WHAT THE EXERCISE ASKS:
Show each line of the entries below in which the word "transparency" appears.

Stored items from a collection
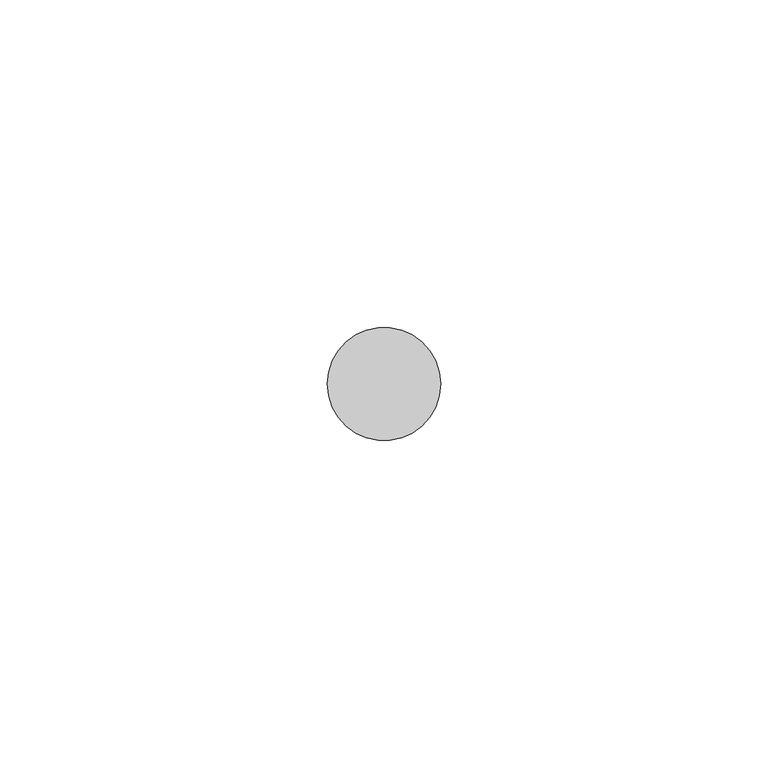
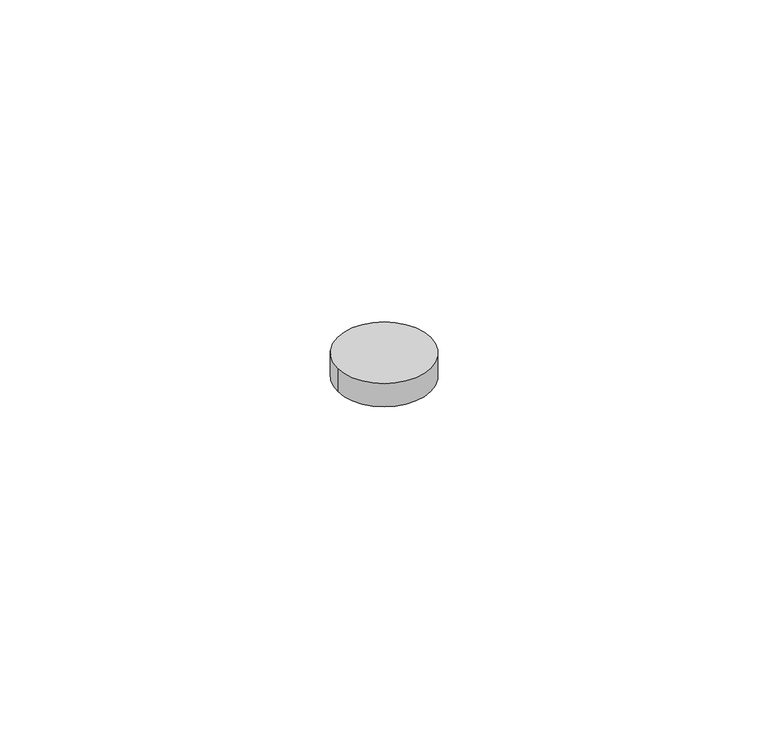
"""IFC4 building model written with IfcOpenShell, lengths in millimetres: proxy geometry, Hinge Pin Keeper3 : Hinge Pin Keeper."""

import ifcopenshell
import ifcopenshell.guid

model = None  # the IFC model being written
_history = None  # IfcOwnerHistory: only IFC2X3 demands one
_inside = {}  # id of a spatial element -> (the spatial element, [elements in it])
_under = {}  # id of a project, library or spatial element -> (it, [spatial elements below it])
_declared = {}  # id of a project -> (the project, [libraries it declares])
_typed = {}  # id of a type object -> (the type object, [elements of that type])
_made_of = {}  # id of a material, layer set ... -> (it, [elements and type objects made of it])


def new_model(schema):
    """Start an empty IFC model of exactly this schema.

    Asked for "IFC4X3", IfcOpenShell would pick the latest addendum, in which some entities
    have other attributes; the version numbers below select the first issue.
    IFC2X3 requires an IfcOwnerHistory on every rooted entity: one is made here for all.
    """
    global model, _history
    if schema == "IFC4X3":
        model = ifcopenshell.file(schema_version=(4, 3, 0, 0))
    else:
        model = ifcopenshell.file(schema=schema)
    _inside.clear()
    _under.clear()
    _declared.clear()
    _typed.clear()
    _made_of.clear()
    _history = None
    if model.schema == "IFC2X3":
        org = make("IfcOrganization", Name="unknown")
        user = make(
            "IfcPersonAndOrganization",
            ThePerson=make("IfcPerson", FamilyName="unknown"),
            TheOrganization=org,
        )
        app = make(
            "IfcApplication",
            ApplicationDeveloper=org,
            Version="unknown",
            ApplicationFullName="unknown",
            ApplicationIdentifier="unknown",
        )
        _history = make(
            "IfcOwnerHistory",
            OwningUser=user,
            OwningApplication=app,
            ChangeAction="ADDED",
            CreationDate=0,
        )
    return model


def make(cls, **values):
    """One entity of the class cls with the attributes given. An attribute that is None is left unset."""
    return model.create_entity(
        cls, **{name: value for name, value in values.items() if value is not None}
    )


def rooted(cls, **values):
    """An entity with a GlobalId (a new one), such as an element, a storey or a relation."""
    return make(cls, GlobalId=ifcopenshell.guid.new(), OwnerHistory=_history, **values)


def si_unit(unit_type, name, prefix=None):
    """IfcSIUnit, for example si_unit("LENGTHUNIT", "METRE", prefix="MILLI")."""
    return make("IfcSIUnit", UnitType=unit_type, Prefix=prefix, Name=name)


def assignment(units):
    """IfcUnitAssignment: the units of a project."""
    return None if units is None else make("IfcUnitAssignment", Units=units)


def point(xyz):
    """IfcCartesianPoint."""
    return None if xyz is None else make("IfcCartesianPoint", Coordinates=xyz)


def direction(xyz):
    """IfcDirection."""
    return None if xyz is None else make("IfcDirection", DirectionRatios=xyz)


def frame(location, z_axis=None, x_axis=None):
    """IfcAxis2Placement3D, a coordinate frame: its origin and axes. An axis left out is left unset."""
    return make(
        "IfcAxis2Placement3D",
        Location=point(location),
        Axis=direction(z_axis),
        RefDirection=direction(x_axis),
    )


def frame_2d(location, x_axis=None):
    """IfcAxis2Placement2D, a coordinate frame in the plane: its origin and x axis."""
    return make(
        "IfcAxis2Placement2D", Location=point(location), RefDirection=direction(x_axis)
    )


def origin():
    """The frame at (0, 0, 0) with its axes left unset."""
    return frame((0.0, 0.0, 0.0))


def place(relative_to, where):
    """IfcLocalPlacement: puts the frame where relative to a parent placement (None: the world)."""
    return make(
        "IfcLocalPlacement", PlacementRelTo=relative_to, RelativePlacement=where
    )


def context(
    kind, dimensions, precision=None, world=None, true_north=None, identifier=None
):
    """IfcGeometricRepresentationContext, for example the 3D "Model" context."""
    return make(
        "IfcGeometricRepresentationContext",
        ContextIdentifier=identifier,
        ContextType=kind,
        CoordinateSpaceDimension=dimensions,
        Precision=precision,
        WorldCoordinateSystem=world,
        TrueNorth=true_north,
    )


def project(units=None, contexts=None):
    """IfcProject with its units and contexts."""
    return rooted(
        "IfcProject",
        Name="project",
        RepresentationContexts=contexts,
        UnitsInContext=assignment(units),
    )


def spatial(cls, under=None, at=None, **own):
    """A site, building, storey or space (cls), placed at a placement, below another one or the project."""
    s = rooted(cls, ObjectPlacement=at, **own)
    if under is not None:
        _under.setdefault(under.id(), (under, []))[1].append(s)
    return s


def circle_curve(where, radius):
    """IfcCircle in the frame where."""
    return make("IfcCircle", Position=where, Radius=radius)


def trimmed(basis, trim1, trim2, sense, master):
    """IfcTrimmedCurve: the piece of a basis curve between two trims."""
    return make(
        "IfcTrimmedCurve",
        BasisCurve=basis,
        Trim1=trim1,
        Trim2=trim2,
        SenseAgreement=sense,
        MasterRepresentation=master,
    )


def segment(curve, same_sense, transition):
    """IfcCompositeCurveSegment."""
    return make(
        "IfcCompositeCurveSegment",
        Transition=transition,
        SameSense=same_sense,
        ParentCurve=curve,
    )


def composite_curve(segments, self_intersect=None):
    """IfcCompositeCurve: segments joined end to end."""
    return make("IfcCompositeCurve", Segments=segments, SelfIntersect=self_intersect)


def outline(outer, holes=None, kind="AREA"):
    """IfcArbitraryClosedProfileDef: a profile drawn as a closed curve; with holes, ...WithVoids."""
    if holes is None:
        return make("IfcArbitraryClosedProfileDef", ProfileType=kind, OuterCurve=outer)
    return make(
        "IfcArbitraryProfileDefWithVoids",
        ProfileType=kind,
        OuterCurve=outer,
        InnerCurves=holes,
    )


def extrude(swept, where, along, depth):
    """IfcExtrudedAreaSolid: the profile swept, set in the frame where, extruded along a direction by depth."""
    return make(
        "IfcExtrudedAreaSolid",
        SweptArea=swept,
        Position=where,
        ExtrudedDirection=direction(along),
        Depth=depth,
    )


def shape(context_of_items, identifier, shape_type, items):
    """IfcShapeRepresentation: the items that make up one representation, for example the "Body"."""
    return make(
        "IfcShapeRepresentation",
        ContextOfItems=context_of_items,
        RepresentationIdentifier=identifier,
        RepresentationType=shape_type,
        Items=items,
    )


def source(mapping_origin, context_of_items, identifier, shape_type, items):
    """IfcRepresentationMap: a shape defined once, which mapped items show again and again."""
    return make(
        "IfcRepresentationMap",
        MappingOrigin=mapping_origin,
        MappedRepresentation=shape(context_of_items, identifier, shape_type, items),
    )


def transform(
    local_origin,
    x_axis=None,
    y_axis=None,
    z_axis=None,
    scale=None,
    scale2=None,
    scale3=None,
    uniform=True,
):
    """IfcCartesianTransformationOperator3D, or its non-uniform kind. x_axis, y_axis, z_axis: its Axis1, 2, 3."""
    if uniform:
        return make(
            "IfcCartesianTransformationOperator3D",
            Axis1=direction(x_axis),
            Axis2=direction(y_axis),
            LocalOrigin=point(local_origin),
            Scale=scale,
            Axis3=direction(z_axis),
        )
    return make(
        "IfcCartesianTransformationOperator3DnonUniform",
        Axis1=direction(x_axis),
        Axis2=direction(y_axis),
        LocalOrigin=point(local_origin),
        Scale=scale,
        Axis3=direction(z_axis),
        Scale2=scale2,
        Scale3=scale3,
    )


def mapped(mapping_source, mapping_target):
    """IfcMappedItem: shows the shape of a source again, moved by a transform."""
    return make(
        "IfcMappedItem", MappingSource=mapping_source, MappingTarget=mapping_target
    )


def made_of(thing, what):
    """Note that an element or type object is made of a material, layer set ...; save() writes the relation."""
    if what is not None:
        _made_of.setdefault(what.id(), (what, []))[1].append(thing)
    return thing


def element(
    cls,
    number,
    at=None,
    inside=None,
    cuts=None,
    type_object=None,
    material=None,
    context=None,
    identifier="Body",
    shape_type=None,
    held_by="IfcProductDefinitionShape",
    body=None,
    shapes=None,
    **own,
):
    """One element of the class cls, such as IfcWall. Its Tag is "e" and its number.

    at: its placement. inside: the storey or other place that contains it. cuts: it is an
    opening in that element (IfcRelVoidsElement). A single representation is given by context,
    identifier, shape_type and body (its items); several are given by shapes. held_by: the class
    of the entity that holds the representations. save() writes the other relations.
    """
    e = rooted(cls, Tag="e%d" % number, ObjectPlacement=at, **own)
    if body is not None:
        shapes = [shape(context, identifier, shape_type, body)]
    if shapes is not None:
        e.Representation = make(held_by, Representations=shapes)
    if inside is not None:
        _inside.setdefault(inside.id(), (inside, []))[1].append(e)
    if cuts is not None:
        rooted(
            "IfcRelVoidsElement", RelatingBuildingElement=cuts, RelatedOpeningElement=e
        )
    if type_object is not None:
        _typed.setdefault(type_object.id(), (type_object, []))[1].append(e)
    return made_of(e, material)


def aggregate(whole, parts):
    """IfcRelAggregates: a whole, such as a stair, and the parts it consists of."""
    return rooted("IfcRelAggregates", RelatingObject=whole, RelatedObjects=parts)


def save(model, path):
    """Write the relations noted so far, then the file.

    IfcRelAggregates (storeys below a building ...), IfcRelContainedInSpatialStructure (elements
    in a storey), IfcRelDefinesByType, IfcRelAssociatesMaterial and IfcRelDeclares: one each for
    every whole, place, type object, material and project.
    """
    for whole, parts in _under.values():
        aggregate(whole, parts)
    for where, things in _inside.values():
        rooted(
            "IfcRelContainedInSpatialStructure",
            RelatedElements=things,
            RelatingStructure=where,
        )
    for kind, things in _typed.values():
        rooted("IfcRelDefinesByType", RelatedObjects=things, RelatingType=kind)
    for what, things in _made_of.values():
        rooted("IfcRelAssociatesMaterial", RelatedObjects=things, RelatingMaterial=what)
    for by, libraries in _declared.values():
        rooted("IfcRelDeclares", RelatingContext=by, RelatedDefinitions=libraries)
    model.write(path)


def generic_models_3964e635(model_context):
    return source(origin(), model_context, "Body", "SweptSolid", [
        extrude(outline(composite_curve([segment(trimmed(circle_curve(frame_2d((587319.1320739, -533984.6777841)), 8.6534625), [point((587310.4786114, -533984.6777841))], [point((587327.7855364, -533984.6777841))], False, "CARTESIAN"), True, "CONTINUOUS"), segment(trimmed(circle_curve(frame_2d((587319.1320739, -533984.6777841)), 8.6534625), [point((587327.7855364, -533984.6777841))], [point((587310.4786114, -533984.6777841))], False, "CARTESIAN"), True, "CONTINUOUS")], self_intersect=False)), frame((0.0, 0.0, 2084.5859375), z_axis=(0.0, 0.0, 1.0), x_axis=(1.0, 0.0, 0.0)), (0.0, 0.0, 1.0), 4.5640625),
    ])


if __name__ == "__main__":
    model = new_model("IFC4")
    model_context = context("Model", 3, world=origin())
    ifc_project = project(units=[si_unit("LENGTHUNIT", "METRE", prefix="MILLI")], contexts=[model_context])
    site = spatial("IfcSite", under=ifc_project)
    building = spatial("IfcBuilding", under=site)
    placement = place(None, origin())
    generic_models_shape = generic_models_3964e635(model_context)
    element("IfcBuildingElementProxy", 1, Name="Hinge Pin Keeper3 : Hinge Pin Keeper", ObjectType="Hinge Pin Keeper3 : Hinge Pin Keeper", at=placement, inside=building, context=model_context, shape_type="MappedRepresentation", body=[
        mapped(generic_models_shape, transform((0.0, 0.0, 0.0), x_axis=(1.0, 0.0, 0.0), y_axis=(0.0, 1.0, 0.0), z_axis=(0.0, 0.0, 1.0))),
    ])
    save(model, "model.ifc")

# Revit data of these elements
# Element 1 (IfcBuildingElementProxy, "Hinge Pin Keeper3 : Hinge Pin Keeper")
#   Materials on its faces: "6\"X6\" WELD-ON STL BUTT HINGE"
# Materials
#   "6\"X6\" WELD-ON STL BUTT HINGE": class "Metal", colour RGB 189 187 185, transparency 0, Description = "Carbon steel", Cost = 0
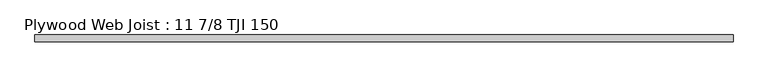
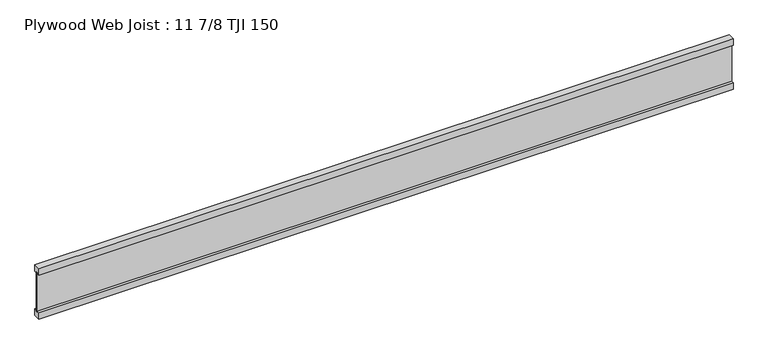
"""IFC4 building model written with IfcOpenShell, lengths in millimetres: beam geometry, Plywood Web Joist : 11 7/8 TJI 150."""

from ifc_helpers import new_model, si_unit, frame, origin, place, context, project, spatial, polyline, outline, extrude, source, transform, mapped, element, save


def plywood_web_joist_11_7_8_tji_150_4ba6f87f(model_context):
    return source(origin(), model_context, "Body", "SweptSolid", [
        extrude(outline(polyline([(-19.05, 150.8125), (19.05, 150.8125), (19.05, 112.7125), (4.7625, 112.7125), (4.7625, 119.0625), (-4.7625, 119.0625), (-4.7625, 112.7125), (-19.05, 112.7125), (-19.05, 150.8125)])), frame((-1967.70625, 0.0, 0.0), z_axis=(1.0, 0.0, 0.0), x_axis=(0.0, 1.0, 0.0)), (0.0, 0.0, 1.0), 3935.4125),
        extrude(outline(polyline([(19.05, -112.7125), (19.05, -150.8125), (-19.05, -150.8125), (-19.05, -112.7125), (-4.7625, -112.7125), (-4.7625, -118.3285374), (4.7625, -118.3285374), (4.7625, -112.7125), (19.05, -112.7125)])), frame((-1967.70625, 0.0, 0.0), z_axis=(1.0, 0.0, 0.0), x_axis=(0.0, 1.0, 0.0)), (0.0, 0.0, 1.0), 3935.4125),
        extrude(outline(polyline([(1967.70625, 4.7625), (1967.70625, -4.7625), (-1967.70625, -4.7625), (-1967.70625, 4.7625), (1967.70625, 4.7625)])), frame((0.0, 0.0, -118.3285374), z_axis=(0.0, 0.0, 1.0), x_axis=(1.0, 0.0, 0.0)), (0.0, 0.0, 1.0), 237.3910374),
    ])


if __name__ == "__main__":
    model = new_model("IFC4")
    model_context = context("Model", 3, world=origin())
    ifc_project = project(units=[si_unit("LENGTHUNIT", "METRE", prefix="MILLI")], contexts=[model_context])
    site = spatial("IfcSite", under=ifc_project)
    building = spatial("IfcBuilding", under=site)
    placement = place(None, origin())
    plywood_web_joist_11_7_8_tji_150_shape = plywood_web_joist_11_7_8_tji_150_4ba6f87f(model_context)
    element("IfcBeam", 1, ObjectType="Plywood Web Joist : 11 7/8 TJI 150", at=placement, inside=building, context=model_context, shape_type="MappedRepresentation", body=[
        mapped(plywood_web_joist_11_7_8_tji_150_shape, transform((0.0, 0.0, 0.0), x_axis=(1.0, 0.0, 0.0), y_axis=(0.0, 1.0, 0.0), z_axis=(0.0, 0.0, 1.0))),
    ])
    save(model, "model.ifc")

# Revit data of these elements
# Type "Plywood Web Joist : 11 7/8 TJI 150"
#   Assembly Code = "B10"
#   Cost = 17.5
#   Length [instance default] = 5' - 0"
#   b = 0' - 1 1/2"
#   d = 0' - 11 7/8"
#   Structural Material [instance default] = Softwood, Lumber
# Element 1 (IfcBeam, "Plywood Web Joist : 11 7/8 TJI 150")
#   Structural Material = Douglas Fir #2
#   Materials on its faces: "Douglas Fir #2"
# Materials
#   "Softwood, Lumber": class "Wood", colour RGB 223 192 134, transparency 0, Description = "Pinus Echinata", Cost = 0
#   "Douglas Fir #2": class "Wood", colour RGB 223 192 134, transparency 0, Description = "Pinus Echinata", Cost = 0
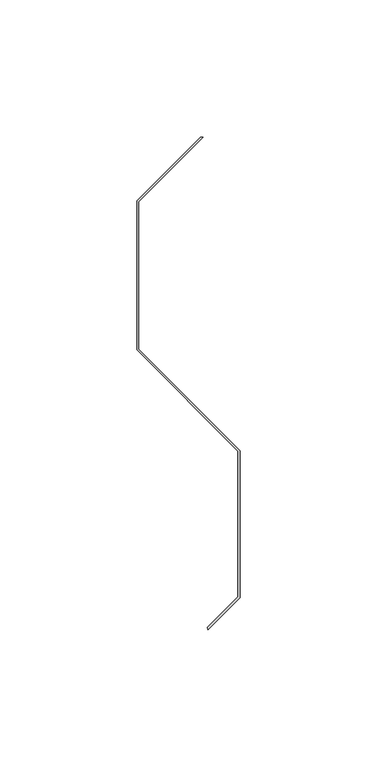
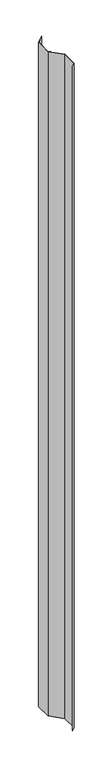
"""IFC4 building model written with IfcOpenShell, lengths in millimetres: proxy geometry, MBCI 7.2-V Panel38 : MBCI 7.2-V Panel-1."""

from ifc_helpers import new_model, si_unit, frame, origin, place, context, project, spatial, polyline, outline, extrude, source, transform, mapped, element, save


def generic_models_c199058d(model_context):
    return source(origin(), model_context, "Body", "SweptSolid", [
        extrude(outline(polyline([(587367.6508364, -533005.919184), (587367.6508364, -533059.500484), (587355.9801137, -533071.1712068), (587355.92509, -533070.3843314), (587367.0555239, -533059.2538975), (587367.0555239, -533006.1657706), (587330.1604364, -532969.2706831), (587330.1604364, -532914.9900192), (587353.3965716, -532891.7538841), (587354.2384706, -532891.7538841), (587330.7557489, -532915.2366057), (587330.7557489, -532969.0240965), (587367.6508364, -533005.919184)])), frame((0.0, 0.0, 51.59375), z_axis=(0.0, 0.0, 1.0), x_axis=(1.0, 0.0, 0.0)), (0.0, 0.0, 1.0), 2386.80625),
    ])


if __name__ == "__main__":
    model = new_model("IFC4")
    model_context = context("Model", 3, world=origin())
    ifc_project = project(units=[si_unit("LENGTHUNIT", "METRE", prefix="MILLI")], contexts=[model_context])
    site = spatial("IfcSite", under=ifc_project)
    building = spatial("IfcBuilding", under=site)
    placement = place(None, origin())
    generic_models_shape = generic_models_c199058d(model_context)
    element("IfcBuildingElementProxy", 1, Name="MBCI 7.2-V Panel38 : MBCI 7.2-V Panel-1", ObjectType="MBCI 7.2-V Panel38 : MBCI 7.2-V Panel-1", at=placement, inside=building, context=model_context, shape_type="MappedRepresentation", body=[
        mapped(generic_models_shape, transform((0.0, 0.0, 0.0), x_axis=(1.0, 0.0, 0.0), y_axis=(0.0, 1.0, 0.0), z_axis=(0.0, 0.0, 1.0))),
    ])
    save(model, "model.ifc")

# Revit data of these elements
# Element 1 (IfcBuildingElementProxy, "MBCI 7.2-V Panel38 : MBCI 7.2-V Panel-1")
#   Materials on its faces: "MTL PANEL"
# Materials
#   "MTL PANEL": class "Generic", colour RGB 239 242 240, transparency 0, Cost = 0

EXERCISE RESPONSE:
#   "6\"X6\" WELD-ON STL BUTT HINGE": class "Metal", colour RGB 189 187 185, transparency 0, Description = "Carbon steel", Cost = 0
#   "Softwood, Lumber": class "Wood", colour RGB 223 192 134, transparency 0, Description = "Pinus Echinata", Cost = 0
#   "Douglas Fir #2": class "Wood", colour RGB 223 192 134, transparency 0, Description = "Pinus Echinata", Cost = 0
#   "MTL PANEL": class "Generic", colour RGB 239 242 240, transparency 0, Cost = 0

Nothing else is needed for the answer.